* **TASK INPUT**:
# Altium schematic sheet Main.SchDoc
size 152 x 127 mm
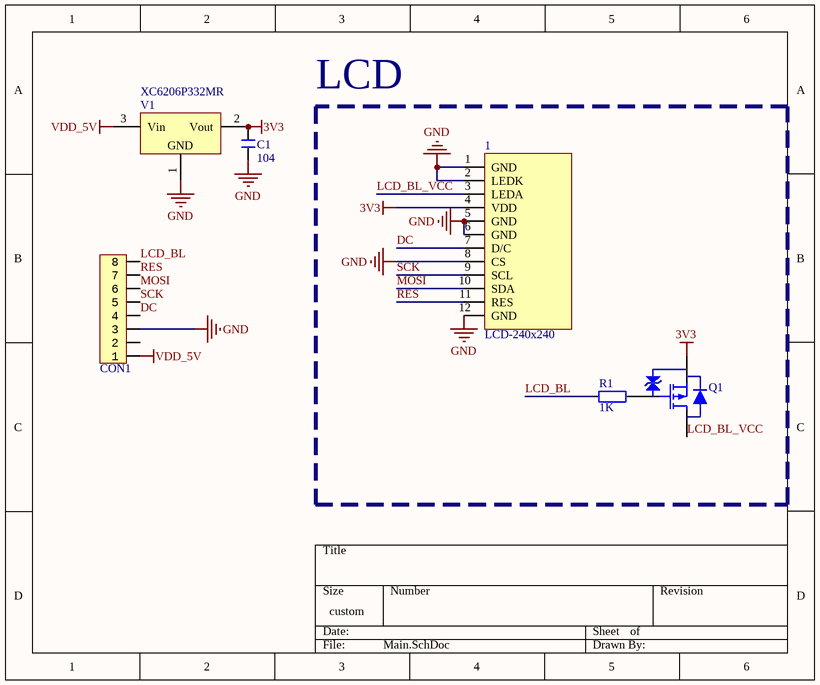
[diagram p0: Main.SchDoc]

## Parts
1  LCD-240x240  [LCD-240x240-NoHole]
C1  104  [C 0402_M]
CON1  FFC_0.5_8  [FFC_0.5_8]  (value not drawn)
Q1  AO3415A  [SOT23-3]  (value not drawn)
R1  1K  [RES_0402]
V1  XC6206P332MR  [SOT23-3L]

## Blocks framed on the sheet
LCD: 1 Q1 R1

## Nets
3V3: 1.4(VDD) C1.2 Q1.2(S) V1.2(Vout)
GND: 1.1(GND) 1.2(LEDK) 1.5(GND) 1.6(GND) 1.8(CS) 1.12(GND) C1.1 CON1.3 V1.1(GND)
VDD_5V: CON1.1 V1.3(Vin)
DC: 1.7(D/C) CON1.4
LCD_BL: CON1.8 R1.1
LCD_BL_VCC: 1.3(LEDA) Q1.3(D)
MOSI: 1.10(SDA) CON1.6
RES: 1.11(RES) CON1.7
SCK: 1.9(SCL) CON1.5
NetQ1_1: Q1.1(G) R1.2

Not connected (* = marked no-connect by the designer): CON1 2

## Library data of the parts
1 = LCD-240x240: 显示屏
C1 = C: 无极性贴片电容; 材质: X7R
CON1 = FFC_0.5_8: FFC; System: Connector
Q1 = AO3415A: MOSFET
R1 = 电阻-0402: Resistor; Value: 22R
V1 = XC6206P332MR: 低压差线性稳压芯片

* **THE TASK**:
If a record contains a picture, drop the picture and repeat the rest exactly.

* **EXERCISE OUTPUT**:
# Altium schematic sheet Main.SchDoc
size 152 x 127 mm
[diagram p0: Main.SchDoc]

## Parts
1  LCD-240x240  [LCD-240x240-NoHole]
C1  104  [C 0402_M]
CON1  FFC_0.5_8  [FFC_0.5_8]  (value not drawn)
Q1  AO3415A  [SOT23-3]  (value not drawn)
R1  1K  [RES_0402]
V1  XC6206P332MR  [SOT23-3L]

## Blocks framed on the sheet
LCD: 1 Q1 R1

## Nets
3V3: 1.4(VDD) C1.2 Q1.2(S) V1.2(Vout)
GND: 1.1(GND) 1.2(LEDK) 1.5(GND) 1.6(GND) 1.8(CS) 1.12(GND) C1.1 CON1.3 V1.1(GND)
VDD_5V: CON1.1 V1.3(Vin)
DC: 1.7(D/C) CON1.4
LCD_BL: CON1.8 R1.1
LCD_BL_VCC: 1.3(LEDA) Q1.3(D)
MOSI: 1.10(SDA) CON1.6
RES: 1.11(RES) CON1.7
SCK: 1.9(SCL) CON1.5
NetQ1_1: Q1.1(G) R1.2

Not connected (* = marked no-connect by the designer): CON1 2

## Library data of the parts
1 = LCD-240x240: 显示屏
C1 = C: 无极性贴片电容; 材质: X7R
CON1 = FFC_0.5_8: FFC; System: Connector
Q1 = AO3415A: MOSFET
R1 = 电阻-0402: Resistor; Value: 22R
V1 = XC6206P332MR: 低压差线性稳压芯片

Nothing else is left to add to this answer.